New Health Models Q&A Men’s Health

What is the cause of prostatic hyperplasia accompanied by calcification?

Asked by:Melissa

Asked on:Apr 01, 2026 05:42 AM

Answers:1 Views:538
  • Basilisk Basilisk

    Apr 01, 2026

    Prostatic hyperplasia accompanied by calcification may be caused by long-term chronic inflammatory stimulation, prostatic fluid retention, metabolic abnormalities, local tissue damage, age, and other factors. It can be alleviated through drug treatment, lifestyle intervention, physical therapy, surgical treatment, regular follow-up, etc.

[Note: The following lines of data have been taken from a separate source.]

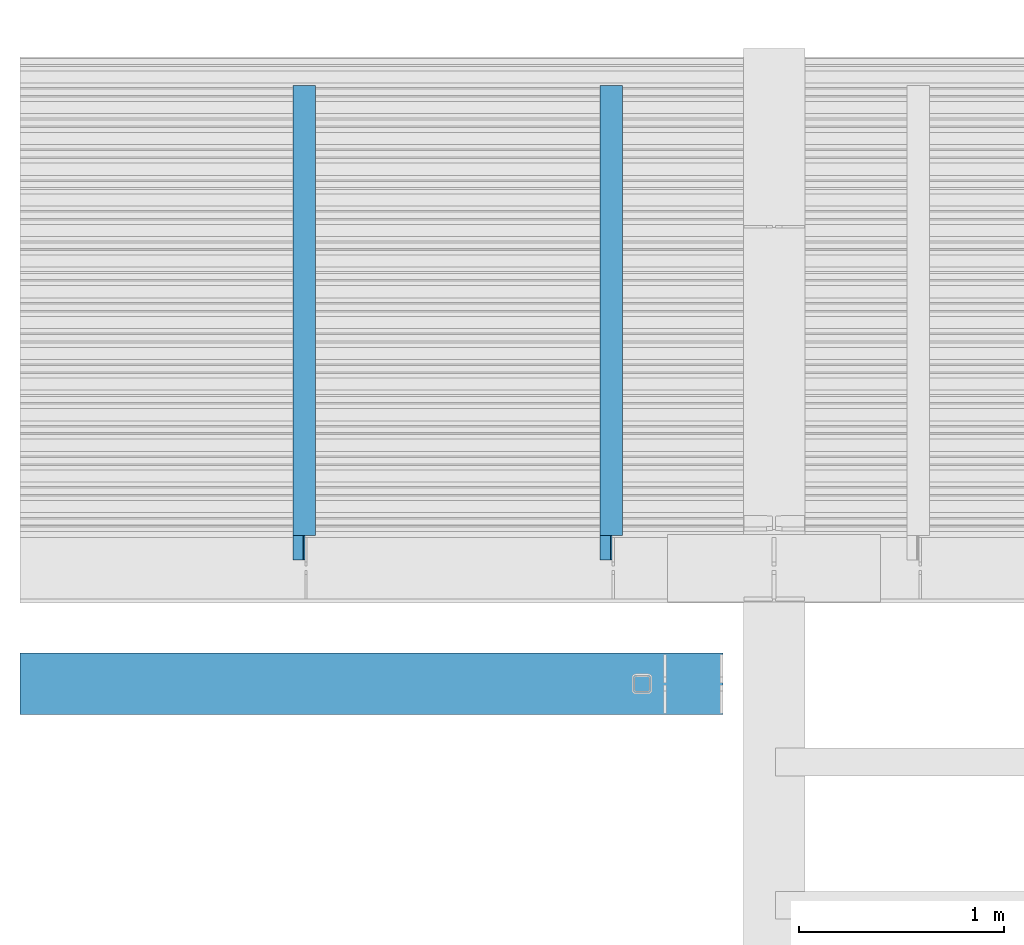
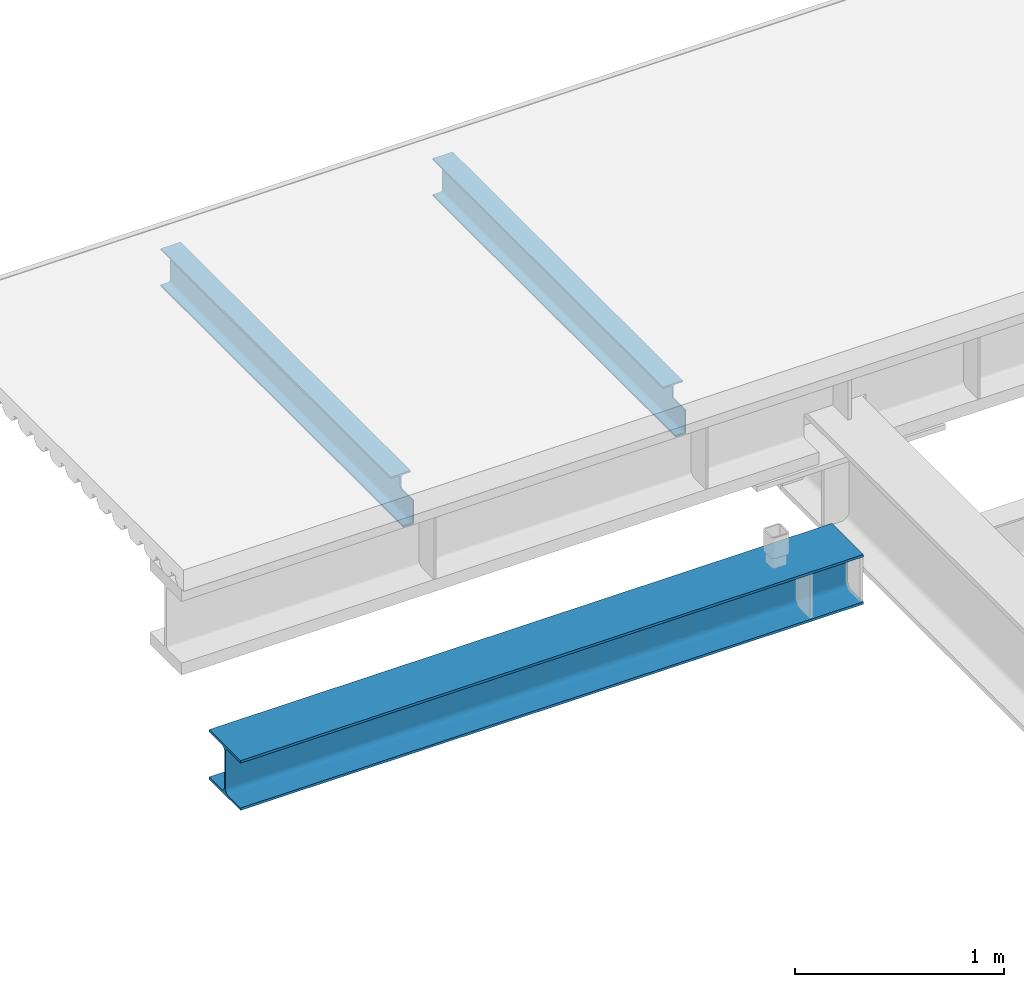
# One storey, part 5 of 12: 3 beams.
"""IFC2X3 building model written with IfcOpenShell, lengths in millimetres."""

from ifc_helpers import new_model, entity, si_unit, converted_unit, derived_unit, direction, frame, origin_with_axes, place, context, subcontext, project, spatial, faceted_brep, type_object, element, save


model = new_model("IFC2X3")

# Units and contexts
model_context = context("Model", 3, precision=0.01, world=frame((0.0, 4.29681676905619e-09, 0.0)), true_north=direction((4.01073788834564e-13, 1.0)))
plan_context = context("Plan", 3, precision=0.01, world=frame((0.0, 4.29681676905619e-09, 0.0)), true_north=direction((4.01073788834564e-13, 1.0)))
body_context = subcontext(model_context, "Body", "Model", "MODEL_VIEW")
ifc_project = project(units=[converted_unit("PLANEANGLEUNIT", "DEGREE", entity("IfcPositiveLengthMeasure", 0.0174532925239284), si_unit("PLANEANGLEUNIT", "RADIAN"), dimensions=[0, 0, 0, 0, 0, 0, 0]), si_unit("AREAUNIT", "SQUARE_METRE"), si_unit("LENGTHUNIT", "METRE", prefix="MILLI"), si_unit("MASSUNIT", "GRAM", prefix="KILO"), si_unit("POWERUNIT", "WATT"), si_unit("PRESSUREUNIT", "PASCAL"), si_unit("FORCEUNIT", "NEWTON", prefix="KILO"), si_unit("ELECTRICVOLTAGEUNIT", "VOLT"), si_unit("ELECTRICCURRENTUNIT", "AMPERE"), si_unit("THERMODYNAMICTEMPERATUREUNIT", "DEGREE_CELSIUS"), si_unit("TIMEUNIT", "SECOND"), si_unit("VOLUMEUNIT", "CUBIC_METRE"), derived_unit("LINEARVELOCITYUNIT", [(si_unit("LENGTHUNIT", "METRE"), 1), (si_unit("TIMEUNIT", "SECOND"), -1)]), derived_unit("VOLUMETRICFLOWRATEUNIT", [(si_unit("VOLUMEUNIT", "CUBIC_METRE"), 1), (si_unit("TIMEUNIT", "SECOND"), -1)]), derived_unit("THERMALTRANSMITTANCEUNIT", [(si_unit("POWERUNIT", "WATT"), 1), (si_unit("THERMODYNAMICTEMPERATUREUNIT", "KELVIN"), -1), (si_unit("AREAUNIT", "SQUARE_METRE"), -1)]), derived_unit("SOUNDPRESSUREUNIT", [(si_unit("PRESSUREUNIT", "PASCAL"), 1)])], contexts=[model_context, plan_context])

# Site, building, storey
site_placement = place(None, frame((0.0, -4.29681676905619e-09, 0.0), z_axis=(0.0, 0.0, 1.0), x_axis=(1.0, 0.0, 0.0)))
site = spatial("IfcSite", under=ifc_project, at=site_placement, Name="Gardermoen", CompositionType="ELEMENT")
building_placement = place(site_placement, frame((0.0, 4.29681676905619e-09, 0.0), z_axis=(0.0, 0.0, 1.0), x_axis=(1.0, 0.0, 0.0)))
building = spatial("IfcBuilding", under=site, at=building_placement, Name="TH", CompositionType="ELEMENT")
storey_placement = place(building_placement, origin_with_axes())
storey = spatial("IfcBuildingStorey", under=building, at=storey_placement, Name="D", CompositionType="ELEMENT", Elevation=0.0)

# Beams
beam_type_1 = type_object("IfcBeamType", Name="HEA300", PredefinedType="NOTDEFINED")
beam_1_placement = place(storey_placement, frame((888455.001809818, 484435.0, 209240.0), z_axis=(0.0, 0.0, 1.0), x_axis=(1.0, 0.0, 0.0)))
element("IfcBeam", 1, at=beam_1_placement, inside=storey, type_object=beam_type_1, Name="STÅLBJELKE", ObjectType="HEA300", context=body_context, shape_type="Brep", body=[
    faceted_brep([(6656.90435875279, 150.0, -145.0), (6656.90435875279, -150.0, -145.0), (10090.0, -150.0, -145.0), (10090.0, 150.0, -145.0), (6656.90435875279, -150.0, -131.0), (10090.0, -150.0, -131.0), (6656.90435875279, -31.25, -131.0), (10090.0, -31.25, -131.0), (6656.90435875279, -25.9825613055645, -130.481202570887), (10090.0, -25.9825613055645, -130.481202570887), (6656.90435875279, -20.9175473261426, -128.944747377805), (10090.0, -20.9175473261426, -128.944747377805), (6656.90435875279, -16.2496037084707, -126.449679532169), (10090.0, -16.2496037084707, -126.449679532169), (6656.90435875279, -12.1581169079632, -123.091883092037), (10090.0, -12.1581169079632, -123.091883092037), (6656.90435875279, -8.80032046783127, -119.000396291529), (10090.0, -8.80032046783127, -119.000396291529), (6656.90435875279, -6.30525262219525, -114.332452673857), (10090.0, -6.30525262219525, -114.332452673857), (6656.90435875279, -4.76879742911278, -109.267438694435), (10090.0, -4.76879742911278, -109.267438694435), (6656.90435875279, -4.25, -104.0), (10090.0, -4.25, -104.0), (6656.90435875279, -4.25, 104.0), (10090.0, -4.25, 104.0), (6656.90435875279, -4.76879742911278, 109.267438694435), (10090.0, -4.76879742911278, 109.267438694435), (6656.90435875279, -6.30525262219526, 114.332452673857), (10090.0, -6.30525262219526, 114.332452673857), (6656.90435875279, -8.80032046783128, 119.000396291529), (10090.0, -8.80032046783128, 119.000396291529), (6656.90435875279, -12.1581169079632, 123.091883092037), (10090.0, -12.1581169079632, 123.091883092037), (6656.90435875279, -16.2496037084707, 126.449679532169), (10090.0, -16.2496037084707, 126.449679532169), (6656.90435875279, -20.9175473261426, 128.944747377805), (10090.0, -20.9175473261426, 128.944747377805), (6656.90435875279, -25.9825613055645, 130.481202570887), (10090.0, -25.9825613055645, 130.481202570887), (6656.90435875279, -31.25, 131.0), (10090.0, -31.25, 131.0), (6656.90435875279, -150.0, 131.0), (10090.0, -150.0, 131.0), (6656.90435875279, -150.0, 145.0), (10090.0, -150.0, 145.0), (6656.90435875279, 150.0, 145.0), (10090.0, 150.0, 145.0), (6656.90435875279, 150.0, 131.0), (10090.0, 150.0, 131.0), (6656.90435875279, 31.25, 131.0), (10090.0, 31.25, 131.0), (6656.90435875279, 25.9825613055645, 130.481202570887), (10090.0, 25.9825613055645, 130.481202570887), (6656.90435875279, 20.9175473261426, 128.944747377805), (10090.0, 20.9175473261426, 128.944747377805), (6656.90435875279, 16.2496037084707, 126.449679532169), (10090.0, 16.2496037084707, 126.449679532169), (6656.90435875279, 12.1581169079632, 123.091883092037), (10090.0, 12.1581169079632, 123.091883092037), (6656.90435875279, 8.80032046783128, 119.000396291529), (10090.0, 8.80032046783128, 119.000396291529), (6656.90435875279, 6.30525262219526, 114.332452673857), (10090.0, 6.30525262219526, 114.332452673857), (6656.90435875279, 4.76879742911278, 109.267438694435), (10090.0, 4.76879742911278, 109.267438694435), (6656.90435875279, 4.25, 104.0), (10090.0, 4.25, 104.0), (6656.90435875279, 4.25, -104.0), (10090.0, 4.25, -104.0), (6656.90435875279, 4.76879742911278, -109.267438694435), (10090.0, 4.76879742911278, -109.267438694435), (6656.90435875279, 6.30525262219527, -114.332452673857), (10090.0, 6.30525262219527, -114.332452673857), (6656.90435875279, 8.80032046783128, -119.000396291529), (10090.0, 8.80032046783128, -119.000396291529), (6656.90435875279, 12.1581169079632, -123.091883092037), (10090.0, 12.1581169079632, -123.091883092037), (6656.90435875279, 16.2496037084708, -126.449679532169), (10090.0, 16.2496037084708, -126.449679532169), (6656.90435875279, 20.9175473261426, -128.944747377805), (10090.0, 20.9175473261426, -128.944747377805), (6656.90435875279, 25.9825613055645, -130.481202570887), (10090.0, 25.9825613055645, -130.481202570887), (6656.90435875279, 31.25, -131.0), (10090.0, 31.25, -131.0), (6656.90435875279, 150.0, -131.0), (10090.0, 150.0, -131.0)], [[[0, 1, 2, 3]], [[1, 4, 5, 2]], [[4, 6, 7, 5]], [[6, 8, 9, 7]], [[8, 10, 11, 9]], [[10, 12, 13, 11]], [[12, 14, 15, 13]], [[14, 16, 17, 15]], [[16, 18, 19, 17]], [[18, 20, 21, 19]], [[20, 22, 23, 21]], [[22, 24, 25, 23]], [[24, 26, 27, 25]], [[26, 28, 29, 27]], [[28, 30, 31, 29]], [[30, 32, 33, 31]], [[32, 34, 35, 33]], [[34, 36, 37, 35]], [[36, 38, 39, 37]], [[38, 40, 41, 39]], [[40, 42, 43, 41]], [[42, 44, 45, 43]], [[44, 46, 47, 45]], [[46, 48, 49, 47]], [[48, 50, 51, 49]], [[50, 52, 53, 51]], [[52, 54, 55, 53]], [[54, 56, 57, 55]], [[56, 58, 59, 57]], [[58, 60, 61, 59]], [[60, 62, 63, 61]], [[62, 64, 65, 63]], [[64, 66, 67, 65]], [[66, 68, 69, 67]], [[68, 70, 71, 69]], [[70, 72, 73, 71]], [[72, 74, 75, 73]], [[74, 76, 77, 75]], [[76, 78, 79, 77]], [[78, 80, 81, 79]], [[80, 82, 83, 81]], [[82, 84, 85, 83]], [[84, 86, 87, 85]], [[86, 0, 3, 87]], [[3, 2, 5, 7, 9, 11, 13, 15, 17, 19, 21, 23, 25, 27, 29, 31, 33, 35, 37, 39, 41, 43, 45, 47, 49, 51, 53, 55, 57, 59, 61, 63, 65, 67, 69, 71, 73, 75, 77, 79, 81, 83, 85, 87]], [[86, 84, 82, 80, 78, 76, 74, 72, 70, 68, 66, 64, 62, 60, 58, 56, 54, 52, 50, 48, 46, 44, 42, 40, 38, 36, 34, 32, 30, 28, 26, 24, 22, 20, 18, 16, 14, 12, 10, 8, 6, 4, 1, 0]]], orient=[[False], [False], [False], [False], [False], [False], [False], [False], [False], [False], [False], [False], [False], [False], [False], [False], [False], [False], [False], [False], [False], [False], [False], [False], [False], [False], [False], [False], [False], [False], [False], [False], [False], [False], [False], [False], [False], [False], [False], [False], [False], [False], [False], [False], [False], [False]]),
])
beam_type_2 = type_object("IfcBeamType", Name="IPE220", PredefinedType="NOTDEFINED")
beam_2_placement = place(storey_placement, frame((897999.999781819, 484999.995625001, 209930.0), z_axis=(0.0, 0.0, 1.0), x_axis=(0.0, 1.0, 0.0)))
element("IfcBeam", 2, at=beam_2_placement, inside=storey, type_object=beam_type_2, Name="STÅLBJELKE", ObjectType="IPE220", context=body_context, shape_type="Brep", body=[
    faceted_brep([(2357.65437500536, -55.0, -110.0), (2357.65437500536, 55.0, -110.0), (39.9999999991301, 55.0, -110.0), (39.9999999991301, -2.9500000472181, -110.0), (159.999999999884, -2.95000004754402, -110.0), (159.999999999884, -55.0, -110.0), (2357.65437500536, -55.0, -100.800000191), (159.999999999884, -55.0, -100.800000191), (2357.65437500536, -14.9500000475, -100.800000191), (159.999999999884, -14.9500000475, -100.800000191), (2357.65437500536, -12.6089161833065, -100.569423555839), (159.999999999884, -12.6089161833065, -100.569423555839), (2357.65437500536, -10.3577988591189, -99.8865545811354), (159.999999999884, -10.3577988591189, -99.8865545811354), (2357.65437500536, -8.28315725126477, -98.7776355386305), (159.999999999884, -8.28315725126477, -98.7776355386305), (2357.65437500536, -6.46471867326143, -97.2852815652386), (159.999999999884, -6.46471867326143, -97.2852815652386), (2357.65437500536, -4.97236469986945, -95.4668429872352), (159.999999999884, -4.97236469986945, -95.4668429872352), (2357.65437500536, -3.86344565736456, -93.3922013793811), (159.999999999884, -3.86344565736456, -93.3922013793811), (2357.65437500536, -3.18057668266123, -91.1410840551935), (159.999999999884, -3.18057668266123, -91.1410840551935), (2357.65437500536, -2.9500000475, -88.800000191), (159.999999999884, -3.06818971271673, -90.0), (39.9999999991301, -3.06818971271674, -90.0), (39.9999999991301, -2.9500000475, -88.800000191), (2357.65437500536, -2.9500000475, 88.800000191), (39.9999999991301, -2.9500000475, 30.0), (150.000000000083, -2.95000004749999, 29.9999999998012), (151.564344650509, -2.95000004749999, 30.1231165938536), (153.090169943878, -2.95000004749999, 30.4894348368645), (154.539904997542, -2.95000004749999, 31.0899347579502), (155.877852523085, -2.95000004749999, 31.9098300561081), (157.071067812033, -2.95000004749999, 32.9289321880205), (158.090169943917, -2.95000004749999, 34.1221474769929), (158.910065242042, -2.95000004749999, 35.4600950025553), (159.510565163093, -2.95000004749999, 36.9098300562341), (159.876883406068, -2.95000004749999, 38.435655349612), (160.000000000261, -2.95000004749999, 39.999999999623), (160.000000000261, -2.9500000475, 88.800000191), (2357.65437500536, -3.18057668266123, 91.1410840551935), (160.000000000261, -3.18057668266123, 91.1410840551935), (2357.65437500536, -3.86344565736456, 93.3922013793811), (160.000000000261, -3.86344565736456, 93.3922013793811), (2357.65437500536, -4.97236469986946, 95.4668429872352), (160.000000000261, -4.97236469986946, 95.4668429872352), (2357.65437500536, -6.46471867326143, 97.2852815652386), (160.000000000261, -6.46471867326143, 97.2852815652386), (2357.65437500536, -8.28315725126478, 98.7776355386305), (160.000000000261, -8.28315725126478, 98.7776355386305), (2357.65437500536, -10.3577988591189, 99.8865545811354), (160.000000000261, -10.3577988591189, 99.8865545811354), (2357.65437500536, -12.6089161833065, 100.569423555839), (160.000000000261, -12.6089161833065, 100.569423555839), (2357.65437500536, -14.9500000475, 100.800000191), (160.000000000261, -14.9500000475, 100.800000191), (2357.65437500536, -55.0, 100.800000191), (160.000000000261, -55.0, 100.800000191), (2357.65437500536, -55.0, 110.0), (160.000000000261, -55.0, 110.0), (2357.65437500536, 55.0, 110.0), (160.000000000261, 55.0, 110.0), (2357.65437500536, 55.0, 100.800000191), (160.000000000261, 55.0, 100.800000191), (2357.65437500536, 14.9500000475, 100.800000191), (160.000000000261, 14.9500000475, 100.800000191), (2357.65437500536, 12.6089161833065, 100.569423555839), (160.000000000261, 12.6089161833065, 100.569423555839), (2357.65437500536, 10.3577988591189, 99.8865545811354), (160.000000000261, 10.3577988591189, 99.8865545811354), (2357.65437500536, 8.28315725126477, 98.7776355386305), (160.000000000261, 8.28315725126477, 98.7776355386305), (2357.65437500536, 6.46471867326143, 97.2852815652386), (160.000000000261, 6.46471867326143, 97.2852815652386), (2357.65437500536, 4.97236469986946, 95.4668429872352), (160.000000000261, 4.97236469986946, 95.4668429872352), (2357.65437500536, 3.86344565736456, 93.3922013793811), (160.000000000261, 3.86344565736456, 93.3922013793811), (2357.65437500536, 3.18057668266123, 91.1410840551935), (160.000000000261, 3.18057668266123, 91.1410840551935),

    1. Long-term chronic inflammation stimulation

    Recurrent bacterial prostatitis may lead to duct blockage or fibrosis and induce calcium salt deposition. Patients may experience symptoms such as perineal swelling, frequent urination and urgency. Doctors may prescribe tamsulosin hydrochloride sustained-release capsules, finasteride tablets, cefixime dispersible tablets and other drugs to relieve symptoms. They are also advised to avoid prolonged sitting and spicy food.

    2. Prostatic fluid retention

    Gland hyperplasia blocks the discharge of secretions, and concentrated prostatic fluid may form calcifications. Such patients often have symptoms such as bifurcated urination and thinning of the urine line. Solifenacin succinate tablets and Longgshu capsules are commonly used in clinical practice together with local hot compresses. Some patients need prostate massage to promote drainage.

    3. Metabolic abnormalities

    Hypercalcemia or disturbances in urate metabolism may promote the deposition of calcium salts in prostate tissue. It may manifest as increased nocturia accompanied by dull pain in the lumbosacral region. Treatment requires the use of calcium carbonate D3 tablets, allopurinol tablets, etc. for the primary disease, while controlling the intake of high-purine foods such as animal offal.

    4. Local tissue damage

    Microscars from previous prostate punctures or infections may become cores of calcification. Most of these cases have no obvious symptoms, and terminal hematuria is occasionally seen. If there is no urinary disorder, no special treatment is usually required. If necessary, levofloxacin hydrochloride tablets can be used to prevent infection.

    5. Age increases

    Men over 50 years old experience glandular degenerative changes due to changes in sex hormone levels, and about half of the patients have calcified plaques visible on ultrasound. It is recommended that prostate-specific antigen testing be performed annually, and transurethral resection of the prostate may be considered when progressive urinary difficulty occurs.

    In daily life, you should pay attention to maintaining regular urination habits, and control the daily water intake to about 2000 ml, but limit water two hours before going to bed. Moderate levator exercises can help improve local blood circulation and avoid activities that compress the perineum such as riding a bicycle. Vegetables rich in antioxidants such as broccoli and tomatoes can be supplemented in moderation and limit the intake of alcohol and caffeine. It is recommended to review ultrasound every 6-12 months to observe changes in calcification lesions. If there is hematuria, fever or acute urinary retention, you need to seek medical attention immediately.